For the Urbinos, Paris is the escape they take to renew themselves. Fermina and Juvenal can only seem to find love and harmony there. They fall in love in Paris on their honeymoon. Both children are conceived there. At home, the Urbinos become divided and stagnated.
Later, there is Fermina’s flight and absence of two years as a result of Urbino’s affair with Barbara Lynch. She passes through her hometown of San Juan de la CiÈnaga, and finds the town transformed by the invasion of the banana company. She returns to her marriage without hope transformed into an old woman.
The final journey up and down the river with Florentino and Fermina reunited combines the ideas of renewal and transformation with death and desolation as the lovers witness the destruction of the river and the land. Florentino wants to remain forever in this borderland, enjoying their love in the time of cholera.
Mirrors, Paintings, Photos, Dreams
Mirrors, photos, paintings and dreams record the visual perceptions or memories of a moment, but are often illusory, distorted, or record what is absent. These images nevertheless yield a surrealistic or subconscious truth to the story. When Urbino goes to the old slave quarter the day of his death he sees the filth it contains and knows the grand old colonial city “was an illusion of memory” (I. 17). The difference between reality and the distorted picture in his mind can be measured. In the same vein, Urbino suggests the city should buy Saint-Amour’s childrens’ photographs “to preserve the images of a generation who might never again be happy outside their portraits” (I. 38). People become miserable when they cannot preserve the images they carry, as when Fermina cannot uphold her nostalgia. The photograph of Fermina and Hildebranda as teenagers dressed in mid-century costumes records their youthful and careless joy. As the photo is seen by many characters over the years, it less and less resembles the joyless Fermina and the fat Hildebranda of later days.
Urbino’s memorial painting after his death as a city father whose memory should be preserved does not really capture him but the absurd moment of his death, falling from a ladder. The portrait is exhibited in many public places and finally burned by a later generation of rebellious students who do not accept that history or aesthetic.
The young Florentino goes out in the boat to find the sunken treasure in the bay, and the water is so calm he “felt as if he were his own reflection in the water” (II. 91). He is full of hope at this moment and lines up with his own conception of himself. At the same time Fermina is on a boat trying return to Florentino, but the wind blows the ship back to its dock, so that she lives a day of hallucination, saying good-by again to her cousins, as though living through the same day twice.
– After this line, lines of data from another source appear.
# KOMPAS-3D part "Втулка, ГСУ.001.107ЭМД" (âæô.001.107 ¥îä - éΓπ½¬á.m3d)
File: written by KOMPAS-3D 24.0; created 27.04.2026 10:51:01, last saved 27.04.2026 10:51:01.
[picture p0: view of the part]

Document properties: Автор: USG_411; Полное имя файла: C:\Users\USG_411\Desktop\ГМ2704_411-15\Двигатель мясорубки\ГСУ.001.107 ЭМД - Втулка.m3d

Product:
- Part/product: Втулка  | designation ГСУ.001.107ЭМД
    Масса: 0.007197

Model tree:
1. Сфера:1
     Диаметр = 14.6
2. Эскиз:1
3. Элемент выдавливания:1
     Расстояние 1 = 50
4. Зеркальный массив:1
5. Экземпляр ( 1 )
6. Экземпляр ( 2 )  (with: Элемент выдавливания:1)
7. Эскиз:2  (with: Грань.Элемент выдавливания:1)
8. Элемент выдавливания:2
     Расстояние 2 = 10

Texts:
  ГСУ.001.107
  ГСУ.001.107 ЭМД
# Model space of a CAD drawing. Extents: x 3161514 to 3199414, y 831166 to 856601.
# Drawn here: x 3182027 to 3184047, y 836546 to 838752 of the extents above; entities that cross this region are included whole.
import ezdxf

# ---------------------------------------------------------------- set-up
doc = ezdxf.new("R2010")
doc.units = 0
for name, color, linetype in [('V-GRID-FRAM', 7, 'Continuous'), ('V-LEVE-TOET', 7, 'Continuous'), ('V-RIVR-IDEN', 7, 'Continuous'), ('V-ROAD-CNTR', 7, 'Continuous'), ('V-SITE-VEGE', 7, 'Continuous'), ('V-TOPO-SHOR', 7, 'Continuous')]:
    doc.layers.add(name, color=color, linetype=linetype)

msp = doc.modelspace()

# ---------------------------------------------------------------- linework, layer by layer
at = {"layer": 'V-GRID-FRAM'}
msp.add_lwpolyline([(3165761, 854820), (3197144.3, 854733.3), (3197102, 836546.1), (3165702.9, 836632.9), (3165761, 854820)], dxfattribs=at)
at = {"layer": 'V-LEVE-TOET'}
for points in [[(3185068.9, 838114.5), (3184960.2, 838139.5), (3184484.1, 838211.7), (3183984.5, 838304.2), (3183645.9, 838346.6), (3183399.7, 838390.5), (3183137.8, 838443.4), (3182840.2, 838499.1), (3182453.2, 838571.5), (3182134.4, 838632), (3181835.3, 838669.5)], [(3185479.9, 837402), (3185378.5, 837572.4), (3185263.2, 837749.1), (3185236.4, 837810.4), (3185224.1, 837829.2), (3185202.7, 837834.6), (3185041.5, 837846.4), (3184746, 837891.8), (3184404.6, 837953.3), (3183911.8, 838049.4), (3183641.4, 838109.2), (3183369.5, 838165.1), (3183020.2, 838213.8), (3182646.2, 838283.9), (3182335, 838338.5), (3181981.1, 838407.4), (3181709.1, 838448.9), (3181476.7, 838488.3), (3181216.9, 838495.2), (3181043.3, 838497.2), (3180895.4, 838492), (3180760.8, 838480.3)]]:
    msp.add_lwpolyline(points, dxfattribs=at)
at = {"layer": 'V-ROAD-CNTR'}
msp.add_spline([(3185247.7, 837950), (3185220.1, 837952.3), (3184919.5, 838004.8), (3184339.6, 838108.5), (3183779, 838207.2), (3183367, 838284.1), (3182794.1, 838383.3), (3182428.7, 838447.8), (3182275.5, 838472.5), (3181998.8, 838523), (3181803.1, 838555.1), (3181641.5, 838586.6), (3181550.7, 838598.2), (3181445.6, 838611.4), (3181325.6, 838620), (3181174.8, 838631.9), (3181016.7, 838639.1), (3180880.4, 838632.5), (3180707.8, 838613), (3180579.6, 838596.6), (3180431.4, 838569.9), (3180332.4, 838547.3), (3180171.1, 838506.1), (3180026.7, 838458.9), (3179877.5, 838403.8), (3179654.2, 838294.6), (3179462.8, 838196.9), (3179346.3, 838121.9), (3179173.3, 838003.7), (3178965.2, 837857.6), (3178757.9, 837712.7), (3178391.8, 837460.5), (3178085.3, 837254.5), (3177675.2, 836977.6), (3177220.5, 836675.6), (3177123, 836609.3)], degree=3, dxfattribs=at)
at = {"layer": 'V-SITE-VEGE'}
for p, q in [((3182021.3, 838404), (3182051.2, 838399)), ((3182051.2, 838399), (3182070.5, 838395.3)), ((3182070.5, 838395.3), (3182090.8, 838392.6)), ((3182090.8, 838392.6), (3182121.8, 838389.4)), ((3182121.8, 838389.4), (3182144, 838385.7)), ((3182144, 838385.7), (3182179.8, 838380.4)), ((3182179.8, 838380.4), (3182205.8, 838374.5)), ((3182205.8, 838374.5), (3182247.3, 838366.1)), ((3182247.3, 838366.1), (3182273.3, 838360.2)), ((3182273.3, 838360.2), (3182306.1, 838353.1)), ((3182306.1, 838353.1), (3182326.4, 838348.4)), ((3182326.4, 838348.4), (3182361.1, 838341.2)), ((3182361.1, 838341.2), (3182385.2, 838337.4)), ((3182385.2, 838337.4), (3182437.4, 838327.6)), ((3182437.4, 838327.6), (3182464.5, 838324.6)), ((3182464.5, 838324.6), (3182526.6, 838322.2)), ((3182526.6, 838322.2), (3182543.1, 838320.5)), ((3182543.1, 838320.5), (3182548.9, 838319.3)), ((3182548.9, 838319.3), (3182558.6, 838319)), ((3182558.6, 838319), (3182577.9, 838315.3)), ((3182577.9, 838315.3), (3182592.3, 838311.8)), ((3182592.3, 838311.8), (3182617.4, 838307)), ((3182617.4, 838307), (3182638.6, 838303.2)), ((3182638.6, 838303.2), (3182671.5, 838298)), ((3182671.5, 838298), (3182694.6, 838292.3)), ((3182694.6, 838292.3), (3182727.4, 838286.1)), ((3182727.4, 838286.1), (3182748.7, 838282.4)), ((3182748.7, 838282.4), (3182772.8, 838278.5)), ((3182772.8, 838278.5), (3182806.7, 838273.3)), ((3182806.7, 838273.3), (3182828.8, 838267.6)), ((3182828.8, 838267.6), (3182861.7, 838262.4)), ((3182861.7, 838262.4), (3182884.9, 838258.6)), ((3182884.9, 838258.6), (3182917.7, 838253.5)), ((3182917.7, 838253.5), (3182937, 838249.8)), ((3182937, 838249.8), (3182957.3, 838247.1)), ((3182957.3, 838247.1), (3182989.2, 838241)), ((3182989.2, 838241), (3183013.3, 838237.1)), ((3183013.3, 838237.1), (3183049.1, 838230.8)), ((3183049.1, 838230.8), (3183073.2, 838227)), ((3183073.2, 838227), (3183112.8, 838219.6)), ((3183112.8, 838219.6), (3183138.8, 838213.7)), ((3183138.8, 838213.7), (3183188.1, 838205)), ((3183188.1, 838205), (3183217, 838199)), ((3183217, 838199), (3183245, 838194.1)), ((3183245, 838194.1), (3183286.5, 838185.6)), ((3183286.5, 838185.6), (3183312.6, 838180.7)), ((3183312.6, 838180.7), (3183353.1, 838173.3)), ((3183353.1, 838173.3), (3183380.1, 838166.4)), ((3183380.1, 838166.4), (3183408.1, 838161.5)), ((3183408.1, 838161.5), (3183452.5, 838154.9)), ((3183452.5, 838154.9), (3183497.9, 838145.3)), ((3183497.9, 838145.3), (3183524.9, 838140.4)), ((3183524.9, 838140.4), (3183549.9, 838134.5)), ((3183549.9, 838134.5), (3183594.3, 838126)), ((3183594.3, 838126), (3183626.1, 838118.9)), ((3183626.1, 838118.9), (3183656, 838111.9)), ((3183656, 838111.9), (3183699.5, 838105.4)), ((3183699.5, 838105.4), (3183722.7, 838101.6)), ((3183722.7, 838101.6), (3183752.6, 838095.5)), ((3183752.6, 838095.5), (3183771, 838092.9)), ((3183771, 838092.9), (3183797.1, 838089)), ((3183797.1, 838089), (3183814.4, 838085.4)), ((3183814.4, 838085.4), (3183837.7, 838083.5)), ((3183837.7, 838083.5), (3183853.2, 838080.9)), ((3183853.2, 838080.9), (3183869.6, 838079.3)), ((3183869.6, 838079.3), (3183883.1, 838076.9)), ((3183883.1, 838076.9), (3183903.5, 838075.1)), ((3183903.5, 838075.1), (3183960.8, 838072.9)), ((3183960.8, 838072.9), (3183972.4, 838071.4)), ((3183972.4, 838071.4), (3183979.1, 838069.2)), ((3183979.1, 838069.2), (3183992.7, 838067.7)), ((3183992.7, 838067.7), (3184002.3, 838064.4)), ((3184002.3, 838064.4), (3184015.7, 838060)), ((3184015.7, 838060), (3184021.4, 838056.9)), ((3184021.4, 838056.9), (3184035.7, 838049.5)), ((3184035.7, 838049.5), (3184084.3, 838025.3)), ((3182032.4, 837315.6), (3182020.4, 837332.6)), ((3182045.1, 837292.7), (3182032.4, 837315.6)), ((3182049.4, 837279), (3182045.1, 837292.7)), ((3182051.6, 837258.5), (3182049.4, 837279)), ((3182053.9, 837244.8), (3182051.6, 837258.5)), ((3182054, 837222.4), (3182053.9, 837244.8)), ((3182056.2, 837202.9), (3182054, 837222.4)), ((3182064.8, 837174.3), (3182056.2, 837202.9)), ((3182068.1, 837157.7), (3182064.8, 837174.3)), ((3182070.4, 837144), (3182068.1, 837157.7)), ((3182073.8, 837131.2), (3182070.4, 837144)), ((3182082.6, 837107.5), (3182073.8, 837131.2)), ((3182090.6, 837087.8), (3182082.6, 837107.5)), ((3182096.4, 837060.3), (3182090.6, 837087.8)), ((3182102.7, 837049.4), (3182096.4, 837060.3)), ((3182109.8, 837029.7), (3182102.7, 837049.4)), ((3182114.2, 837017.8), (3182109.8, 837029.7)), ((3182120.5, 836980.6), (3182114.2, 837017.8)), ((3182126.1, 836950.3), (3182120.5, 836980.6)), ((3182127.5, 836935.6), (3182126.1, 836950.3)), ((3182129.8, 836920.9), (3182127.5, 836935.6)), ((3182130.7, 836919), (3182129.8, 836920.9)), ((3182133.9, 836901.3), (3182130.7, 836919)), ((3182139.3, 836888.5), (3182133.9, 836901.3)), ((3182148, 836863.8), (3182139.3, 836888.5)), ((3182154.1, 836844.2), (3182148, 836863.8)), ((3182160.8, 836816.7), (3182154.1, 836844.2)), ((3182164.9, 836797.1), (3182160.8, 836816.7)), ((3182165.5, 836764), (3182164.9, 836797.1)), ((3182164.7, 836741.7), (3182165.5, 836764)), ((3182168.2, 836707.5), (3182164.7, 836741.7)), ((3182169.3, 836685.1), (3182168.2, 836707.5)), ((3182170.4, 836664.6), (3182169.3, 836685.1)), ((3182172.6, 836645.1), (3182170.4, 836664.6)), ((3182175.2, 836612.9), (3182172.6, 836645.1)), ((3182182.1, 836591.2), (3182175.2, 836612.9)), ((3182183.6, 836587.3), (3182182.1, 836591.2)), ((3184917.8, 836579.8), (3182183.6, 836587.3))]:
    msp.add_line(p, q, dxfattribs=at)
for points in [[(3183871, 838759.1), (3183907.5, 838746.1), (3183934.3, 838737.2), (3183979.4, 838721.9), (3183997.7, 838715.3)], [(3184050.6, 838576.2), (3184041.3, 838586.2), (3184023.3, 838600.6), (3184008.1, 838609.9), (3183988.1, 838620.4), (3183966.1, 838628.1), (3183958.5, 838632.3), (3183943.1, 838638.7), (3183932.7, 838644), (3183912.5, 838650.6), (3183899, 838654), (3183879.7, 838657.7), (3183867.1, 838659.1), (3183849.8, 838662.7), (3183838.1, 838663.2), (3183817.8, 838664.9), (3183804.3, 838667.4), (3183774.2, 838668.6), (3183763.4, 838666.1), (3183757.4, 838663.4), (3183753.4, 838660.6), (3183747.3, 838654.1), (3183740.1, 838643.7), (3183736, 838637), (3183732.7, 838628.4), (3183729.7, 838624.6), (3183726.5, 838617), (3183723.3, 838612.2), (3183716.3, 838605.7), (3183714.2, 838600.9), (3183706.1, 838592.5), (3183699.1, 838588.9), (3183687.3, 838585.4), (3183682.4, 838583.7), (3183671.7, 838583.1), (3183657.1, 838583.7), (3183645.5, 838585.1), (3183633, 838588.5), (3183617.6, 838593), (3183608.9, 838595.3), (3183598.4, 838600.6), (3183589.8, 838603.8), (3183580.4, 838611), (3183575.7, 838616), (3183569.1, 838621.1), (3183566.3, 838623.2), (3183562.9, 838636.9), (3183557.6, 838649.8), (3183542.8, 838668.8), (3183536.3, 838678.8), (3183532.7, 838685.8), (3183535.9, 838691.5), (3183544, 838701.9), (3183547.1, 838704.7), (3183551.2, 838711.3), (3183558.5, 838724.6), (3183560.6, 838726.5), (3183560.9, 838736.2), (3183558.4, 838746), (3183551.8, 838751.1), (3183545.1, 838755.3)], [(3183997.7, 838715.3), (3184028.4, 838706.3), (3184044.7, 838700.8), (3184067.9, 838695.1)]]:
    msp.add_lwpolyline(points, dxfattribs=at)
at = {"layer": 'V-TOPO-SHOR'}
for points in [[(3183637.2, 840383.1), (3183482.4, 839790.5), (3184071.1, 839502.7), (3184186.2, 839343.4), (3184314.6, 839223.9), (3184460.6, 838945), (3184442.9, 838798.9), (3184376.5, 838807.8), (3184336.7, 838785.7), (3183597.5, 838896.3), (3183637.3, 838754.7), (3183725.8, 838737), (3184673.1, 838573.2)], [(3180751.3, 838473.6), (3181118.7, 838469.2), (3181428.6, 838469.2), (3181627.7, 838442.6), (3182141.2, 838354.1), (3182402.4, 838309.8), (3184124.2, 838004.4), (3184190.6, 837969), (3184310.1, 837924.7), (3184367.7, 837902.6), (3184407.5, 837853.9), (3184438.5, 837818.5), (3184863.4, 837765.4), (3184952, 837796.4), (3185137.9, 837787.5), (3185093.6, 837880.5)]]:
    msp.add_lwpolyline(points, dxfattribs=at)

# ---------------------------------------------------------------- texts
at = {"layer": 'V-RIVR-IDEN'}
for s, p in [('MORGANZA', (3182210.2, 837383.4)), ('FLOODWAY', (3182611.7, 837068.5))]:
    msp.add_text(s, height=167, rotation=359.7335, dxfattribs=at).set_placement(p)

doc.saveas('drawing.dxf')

She dreams of Florentino who takes off the face he wore because it was a mask, but underneath the real face is the same as the false one. This incident reveals her rejection of him and his sentimentality.
In their seventies, however, she is relieved to find Florentino “old and lame, but real” (VI. 330). He on the contrary, looks in the mirror when he ages and panics to see the baldness, trying to recapture his youthful look by plastering the remaining strands of hair on top of his head. When Florentino goes to a restaurant in middle age, he sees Fermina and her reflection in the restaurant mirror, looking young again. He purchases that mirror as though he can get her and her youth back and preserve the image he sees.
Urbino courts Fermina, getting drunk on anisette with her father and begins hallucinating. Getting into the carriage, he sees his face in the carriage mirror, and even his image “was still thinking of Fermina Daza” (II. 121). Love is shown as a state of drunkenness that distorts reality.